# William Cowper's Olney Hymns



## turmeric (Oct 2, 2006)

*William Cowper\'s Olney Hymns*

Find them online  here.

I know, I know, not in church!


----------



## VirginiaHuguenot (Oct 3, 2006)

This is one of my favorite lines:



> Judge not the Lord by feeble sense,
> But trust Him for His grace;
> Behind a frowning providence
> He hides a smiling face.


----------



## matthew11v25 (Oct 3, 2006)

> _Originally posted by VirginiaHuguenot_
> This is one of my favorite lines:
> 
> 
> ...



Ditto.


----------



## Brett McKinley (Oct 10, 2006)

Thanks for the link. 

George Ella, in his excellent biog. on Cowper makes a good case that often Cowper was more mature than Newton and somewhat opposite of what Mr. Blair wrote in the intro.

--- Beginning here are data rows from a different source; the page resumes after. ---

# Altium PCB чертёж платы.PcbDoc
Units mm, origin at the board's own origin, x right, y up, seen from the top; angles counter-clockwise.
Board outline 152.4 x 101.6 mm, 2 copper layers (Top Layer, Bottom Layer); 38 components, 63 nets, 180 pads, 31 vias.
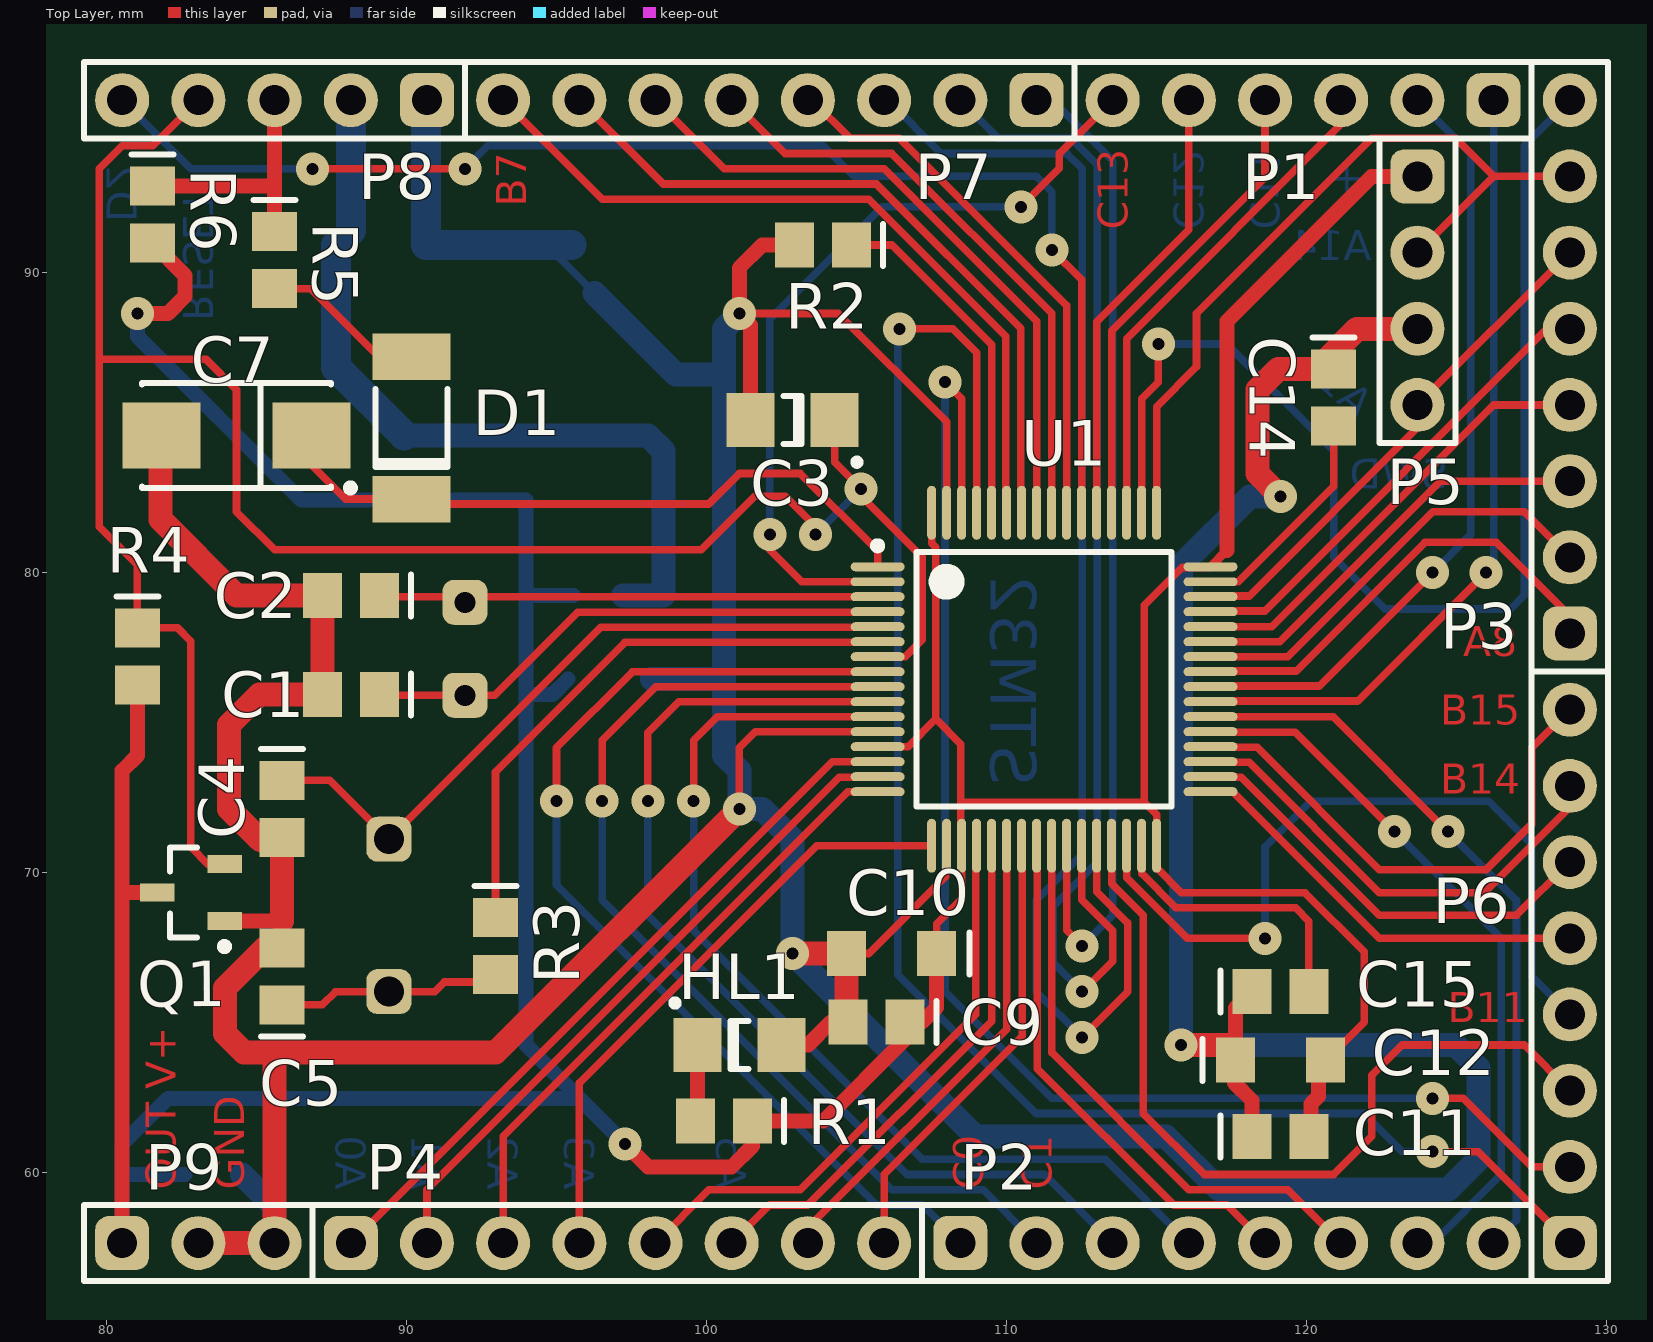
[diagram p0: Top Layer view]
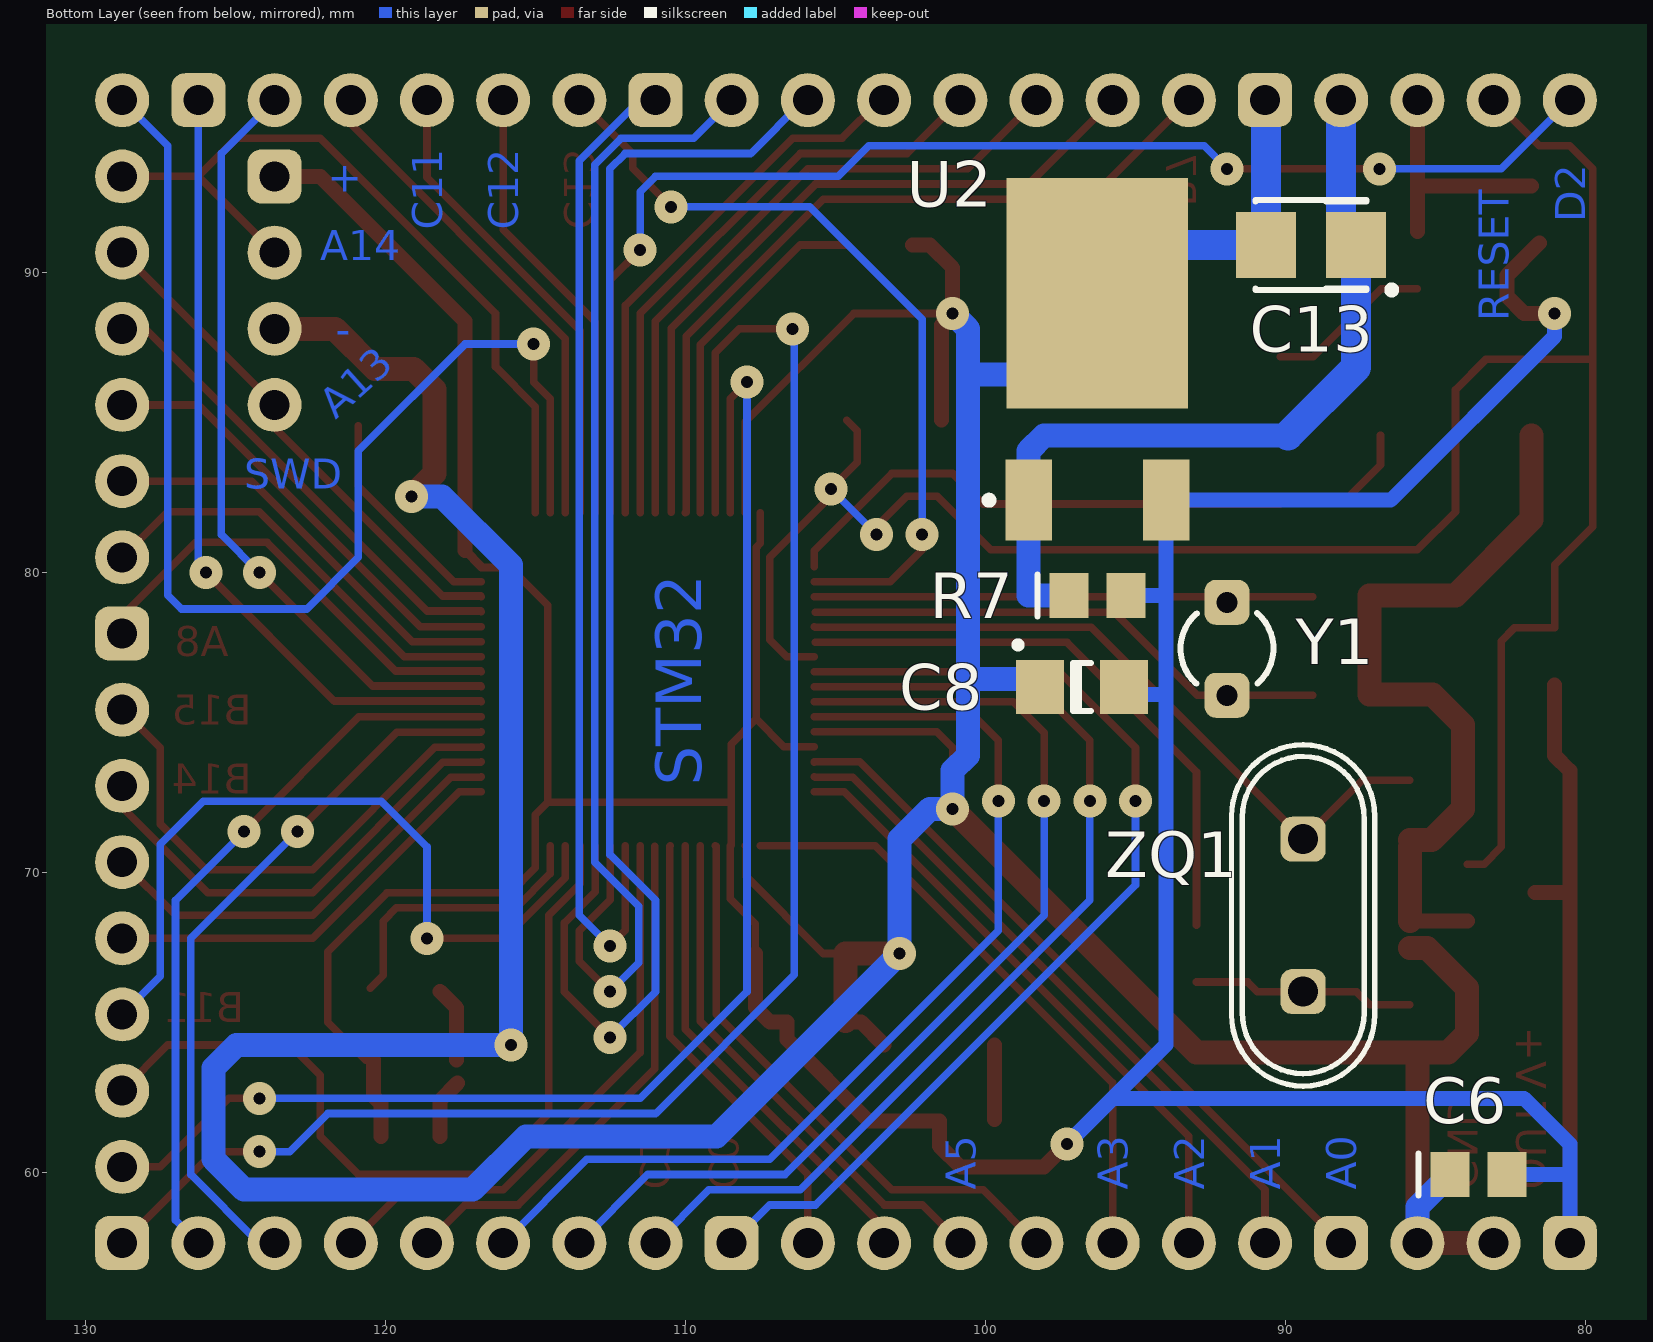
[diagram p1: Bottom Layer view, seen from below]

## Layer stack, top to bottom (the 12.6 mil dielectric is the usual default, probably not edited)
Top Solder: solder mask 0.0102, Solder Resist, Dk 3.5
Top Layer: signal copper 0.0356
Dielectric1: dielectric 0.32, FR-4, Dk 4.8
Bottom Layer: signal copper 0.0356
Bottom Solder: solder mask 0.0102, Solder Resist, Dk 3.5

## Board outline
25.4,25.4 177.8,25.4 177.8,127 25.4,127

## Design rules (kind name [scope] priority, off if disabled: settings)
Clearance [All] p1: gap=0.2
PlaneConnect [All] p1: planeconnectstyle=Relief reliefexpansion=0.254 reliefentries=4 reliefconductorwidth=0.254 reliefairgap=0.254
PolygonConnect [All] p1: connectstyle=Relief reliefconductorwidth=0.254 reliefentries=4 polygonreliefangle="45 Angle" airgapwidth=0.254
RoomDefinition Sheet1 [InComponentClass('Sheet1')] p1: confinementstyle=ConfineIn formatcopy=TRUE lockcomponents=FALSE outline 79.056,56.388 130.048,56.388 130.048,97.028 79.056,97.028
RoutingCorners [All] p1: cornerstyle=Round minsetback=2.54 maxsetback=2.54
RoutingVias [All] p1: holewidth=0.5 width=1.3 viastyle="Through Hole" minholewidth=0.5 minwidth=1 maxholewidth=0.5 maxwidth=1.5
SolderMaskExpansion [All] p1: expansion=0.2
UnpouredPolygon [All] p1: allowunpoured=FALSE
Width [All] p1: maxlimit=2 minlimit=0.254 preferedwidth=0.3
27 further rules are at their usual default settings.

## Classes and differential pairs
component class Sheet1: C1 C2 C3 C4 C5 C6 C7 C8 C9 C10 C11 C12 C13 C14 C15 D1 HL1 P1 P2 P5 P6 P7 P8 P9 Q1 R1 R3 R4 R5 R6 R7 U1 U2 Y1 ZQ1

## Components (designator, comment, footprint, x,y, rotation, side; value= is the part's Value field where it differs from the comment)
C1 "Cap Semi" C0805 88.138,75.946 r180 top
C2 "Cap Semi" C0805 88.138,79.248 r180 top
C3 "Cap Semi" C1206 102.87,85.09 r180 top
C4 "Cap Semi" C0805 85.852,72.136 r270 top
C5 "Cap Semi" C0805 85.852,66.548 r90 top
C6 "Cap Semi" C0805 83.566,59.944 r180 bottom
C7 "Cap Semi" "6032 - Type C" 84.328,84.582 r180 top
C8 "Cap Semi" C1206 96.774,76.2 r180 bottom
C9 "Cap Semi" C0805 105.664,65.024 r180 top
C10 "Cap Semi" "C0805 - wa" 106.172,67.31 r180 top
C11 "Cap Semi" C0805 119.126,61.214 r0 top
C12 "Cap Semi" "C0805 - wa" 119.126,63.754 r0 top
C13 "Cap polar_Vishay Type B" "3528 - Type B" 89.154,90.932 r0 bottom
C14 "Cap Semi" C0805 120.904,85.852 r270 top
C15 "Cap Semi" C0805 119.126,66.04 r0 top
D1 "1n4148" MELF 90.17,84.836 r270 top
HL1 "FYLS-3528UYC" C1206 101.092,64.262 r0 top
P1 "port C 8-13" HDR1X6 126.238,95.758 r180 top
P2 "port C 0-7" HDR1X8 108.458,57.658 r0 top
P3 "port A 8-15" HDR1X8 128.778,77.978 r90 top
P4 "port A 0-7" HDR1X8 88.138,57.658 r0 top
P5 "programmer" HDR1X4 123.698,93.218 r270 top
P6 "port B 8-15" HDR1X8 128.778,57.658 r90 top
P7 "port B 0-7" HDR1X8 110.998,95.758 r180 top
P8 "Header 5" HDR1X5 90.678,95.758 r180 top
P9 "Header 3" HDR1X3 80.518,57.658 r0 top
Q1 "STM809" SOT-23B_N 82.804,69.342 r180 top
R1 "Res2" C0805 100.584,61.722 r180 top
R2 "Res2" C0805 103.886,90.932 r180 top
R3 "Res2" C0805 92.964,67.564 r270 top
R4 "Resistor 1206" C0805 81.026,77.216 r270 top
R5 "Res2" C0805 85.598,90.424 r270 top
R6 "Res2" C0805 81.534,91.948 r270 top
R7 "Res2" C0805 96.266,79.248 r180 bottom
U1 "STM32F107RCT6TR" LQFP64_N 111.252,76.454 r0 top
U2 "ARU1206K-33" DPAK 96.266,87.122 r90 bottom
Y1 "32768 Hz" R38 91.948,77.47 r0 bottom
ZQ1 "8 MHz" HC49S 89.408,68.58 r90 bottom

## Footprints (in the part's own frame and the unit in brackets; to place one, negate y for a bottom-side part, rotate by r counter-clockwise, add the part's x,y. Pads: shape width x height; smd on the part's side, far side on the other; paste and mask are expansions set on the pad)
"3528 - Type B" [mm] "Capacitor, SM Tantalum; Body 3.5 x 2.8 mm (LxW typ)"
  rect 2x2.2 smd: 1(-1.5,0) 2(1.5,0)
  silkscreen extent -2.82,-1.5 1.85,1.62
"6032 - Type C" [mm] "Capacitor, SM Tantalum; Body 6.0 x 3.2 mm (LxW typ)"
  rect 2.6x2.2 smd: 1(-2.5,0) 2(2.5,0)
  silkscreen extent -3.93,-1.75 3.15,1.87
C0805 [mm] "Chip Capacitor; Body 2.0 x 1.2 mm (LxW typ)"
  rect 1.3x1.5 smd: 1(-0.95,0) 2(0.95,0)
  silkscreen extent -2,-0.7 -2,0.7
"C0805 - wa" [mm] "Chip Capacitor; Body 2.0 x 1.2 mm (LxW typ)"
  rect 1.3x1.5 smd: 1(-1.5,0) 2(1.5,0)
  silkscreen extent -2.6,-0.7 -2.6,0.7
C1206 [mm] "Chip Capacitor; Body 3.2 x 1.6 mm (LxW typ)"
  rect 1.6x1.8 smd: 1(-1.4,0) 2(1.4,0)
  silkscreen extent -2.18,-0.8 0.3,1.44
DPAK [mm] "D-PAK, 3-Pads, Body 6,2x6,6mm (max), IPC Medium Density"
  rect 2.7x1.55 smd: 1(-4.7,2.29) 3(-4.7,-2.29)
  rect 7.7x6.05 smd: 2(2.2,0)
  silkscreen extent -4.82,3.49 -4.58,3.74, body extent -5.59,-3.3 4.51,3.3, height 2.4
HC49S [mm]
  rrect50% 1.5x1.5 hole 1: 1(-2.54,0) 2(2.54,0)
  silkscreen extent -5.69,-2.39 5.69,2.39
HDR1X3 [mm] "Connector; Header; 3 Position"
  rrect50% 1.8x1.8 hole 1: 1(0,0)
  round 1.8 hole 1: 2(2.54,0) 3(5.08,0)
  silkscreen extent -1.27,-1.27 6.35,1.27
HDR1X4 [mm] "Connector; Header; 4 Position"
  rrect50% 1.8x1.8 hole 1: 1(0,0)
  round 1.8 hole 1: 2(2.54,0) 3(5.08,0) 4(7.62,0)
  silkscreen extent -1.27,-1.27 8.89,1.27
HDR1X5 [mm] "Connector; Header; 5 Position"
  rrect50% 1.8x1.8 hole 1: 1(0,0)
  round 1.8 hole 1: 2(2.54,0) 3(5.08,0) 4(7.62,0) 5(10.16,0)
  silkscreen extent -1.27,-1.27 11.43,1.27
HDR1X6 [mm] "Connector; Header; 6 Position"
  rrect50% 1.8x1.8 hole 1: 1(0,0)
  round 1.8 hole 1: 2(2.54,0) 3(5.08,0) 4(7.62,0) 5(10.16,0) 6(12.7,0)
  silkscreen extent -1.27,-1.27 13.97,1.27
HDR1X8 [mm] "Connector; Header; 8 Position"
  rrect50% 1.8x1.8 hole 1: 1(0,0)
  round 1.8 hole 1: 2(2.54,0) 3(5.08,0) 4(7.62,0) 5(10.16,0) 6(12.7,0) 7(15.24,0) 8(17.78,0)
  silkscreen extent -1.27,-1.27 19.05,1.27
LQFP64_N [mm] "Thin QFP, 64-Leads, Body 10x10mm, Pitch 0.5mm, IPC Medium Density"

I just sang Sometimes a Light Surpises, Old Trinity #520 with great delight. Cowper knew God and bids us draw nigh.

Thanks for the reminder! 

PS: If you like Cowper's Hymns, you would love the Gadsby Hymnal.


----------



## Puddleglum (Oct 10, 2006)

My roommate has a book of Cowper poetry (including all of the Olney hymns, I think); it's one of my favorites. (And where the quote in my sig is from!)

Brett - I know this is pretty late, but welcome from another rainy-state resident!


----------